Docker

Running Docker Compose in production

Docker Compose is excellent for local development. Running it in production requires a few additional considerations: resource limits, health checks, log management, and a strategy for zero-downtime updates.

Resource limits

Always set mem_limit and cpus on every service. Without limits, a misbehaving container can consume all available memory and crash the host.

services:
  app:
    image: myapp:latest
    mem_limit: 512m
    cpus: 0.5
    restart: unless-stopped

Health checks

Define a healthcheck so Docker knows when a container is actually ready to serve traffic — not just started.

healthcheck:
  test: ["CMD", "curl", "-f", "http://localhost:3000/health"]
  interval: 30s
  timeout: 5s
  retries: 3
  start_period: 10s

Logging

By default Docker uses the json-file driver with no rotation.
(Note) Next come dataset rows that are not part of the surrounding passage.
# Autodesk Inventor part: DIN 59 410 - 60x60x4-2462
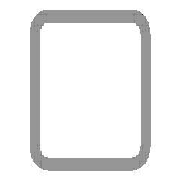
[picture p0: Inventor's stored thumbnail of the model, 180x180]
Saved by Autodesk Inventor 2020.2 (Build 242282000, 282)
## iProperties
Manager: www.cadconsulting.pl
Company: Fabian Stasiak CAD Consulting
IsCustomPart: 1
_CCFamilyMember: 60
_CCFamilyDisplayName: DIN 59410 (Kwadrat) - Rurki stalowe o przekroju kwadratowym formowane na gorąco
_FrameMemberDoc: Frame Member File
_Version: 15.0.0
_GetPNFromCC: 1
Created: 2015-01
Part Number: DIN 59 410 - 60x60x4-2462
Material: Stal, miękka
Description: Rurki stalowe o przekroju kwadratowym formowane na gorąco
Document SubType Name: Modellieren
Standard: DIN
Designer: F.Stasiak
Standards Organization: DIN
Language: pl-PL
Size Designation: 60x60x4
Categories: <MemberInstance><Categories><Category DisplayName="Kształtowniki konstrukcyjne" InternalName="089c4875-fa83-4c05-b084-43b9cc11f5ed" Mnemonic="GRDR"><CategoryPar
Stock Number: 60x60x4
Density: 7.85 g/cm^3
Appearance: Częściowo polerowana
Catalog Web Link: www.expertbooks.pl
G_L: 2462,000 mm
G_W: 60,000 mm
G_H: 60,000 mm
+375225A0-A35A-40A9-B2A5-BDF55DF89B01+CUTDETAIL1: Wytnij
Author: F.Stasiak
Subject: Zbiór ćwiczeń. Autodesk Inventor 2020. Kurs Professional
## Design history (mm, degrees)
node "Płaszczyzna początkowa"
node "Płaszczyzna końcowa"
sketch "Szkic1"
  geometry: L1 (-22, 30)-(22, 30); L2 (30, 22)-(30, -22); L3 (22, -30)-(-22, -30); L4 (-30, -22)-(-30, 22); L5 (-44.32, 0)-(44.32, 0) reference; L6 (0, -44.32)-(0, 44.32) reference; L7 (-22, 26)-(22, 26); L8 (26, 22)-(26, -22); L9 (22, -26)-(-22, -26); L10 (-26, -22)-(-26, 22); A1 r 8 centre (-22, 22) between (-22, 30) and (-30, 22); A2 r 8 centre (22, 22) between (30, 22) and (22, 30); A3 r 8 centre (22, -22) between (22, -30) and (30, -22); A4 r 8 centre (-22, -22) between (-30, -22) and (-22, -30); A5 r 4 centre (-22, 22) between (-22, 26) and (-26, 22); A6 r 4 centre (22, 22) between (26, 22) and (22, 26); A7 r 4 centre (22, -22) between (22, -26) and (26, -22); A8 r 4 centre (-22, -22) between (-26, -22) and (-22, -26); 3 further points
  constraints: 16 end point, 16 point on circle, 8 centre point, 8 tangent, 6 point on line, 4 parallel, 3 equal radius, 3 perpendicular, 1 horizontal, 7 other
  dimensions: "b" = 60 distance of point (-30, 30) point (30, 30); "msp_r" = 8 radius of A1 (= 2 x ParT); "d8" = 30 distance between parallel lines of L4 L6 (= d9); "d9" = 30 distance between parallel lines of L3 L5 (= 0.5 x b); "d10" = 4 distance between parallel lines of L3 L9 (= ParT)
extrude "Bryła" new body sketch "Szkic1" taper "d4" = 0 deg; stored distance "NLG" = 10
node "Driven Length"
  sketch "Sketch2"
    geometry: L1 (0, 0)-(10, 0) reference
    constraints: 2 end point, 1 horizontal
  workplane "Work Plane3"
  sketch "Sketch3"
    geometry: L1 (-2, 38)-(12, 38) reference; L2 (-2, 2500)-(12, 2500) reference
    dimensions: "d14" = 2462 distance between parallel lines of L1 L2 (derived)
node "Płaszczyzna konstrukcyjna4"
feature "Podział1"
body "Solid1"
other parameters: "ParT" = 4, "G_OFFSET_START" = -38 [user parameter; used in 1 equation term], "G_OFFSET_END" = 0 [user parameter; used in 1 equation term], "d11" = 38 (= -G_OFFSET_START), "G_L" = 2462 (= d14) [user parameter], "d13" = 90 deg
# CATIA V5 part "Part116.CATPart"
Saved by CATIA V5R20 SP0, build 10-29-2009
Part number: FA 084700-1
Revision: ANY
Definition: UNKNOWN
Nomenclature: FA 084700-1
Source: Unknown
Bounding box of the stored display mesh (mm): x -2.853 to 2.853, y 0.2 to 2.5, z -3 to 3
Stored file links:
  C:\Users\Utente\Desktop\IO LAVORO\3D X SITO CF\CUMSA\3D files FA\FA 084700\Part116.CATPart

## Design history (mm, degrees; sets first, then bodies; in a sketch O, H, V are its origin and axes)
Body1 "Cortar-Extruir1" (main body)
  Solid1: solid without history

Set a max size to prevent logs from filling your disk.

logging:
  driver: json-file
  options:
    max-size: "10m"
    max-file: "3"

Zero-downtime updates

Docker Compose doesn’t support rolling updates natively. The simplest approach: use docker compose up -d --no-deps service to restart a single service. For true zero-downtime, run two instances behind a reverse proxy (Nginx Front Door) and update them one at a time.

Persistent data

Never store persistent data inside containers. Always use named volumes or bind mounts to a path on persistent block storage. This ensures data survives container rebuilds and host reboots.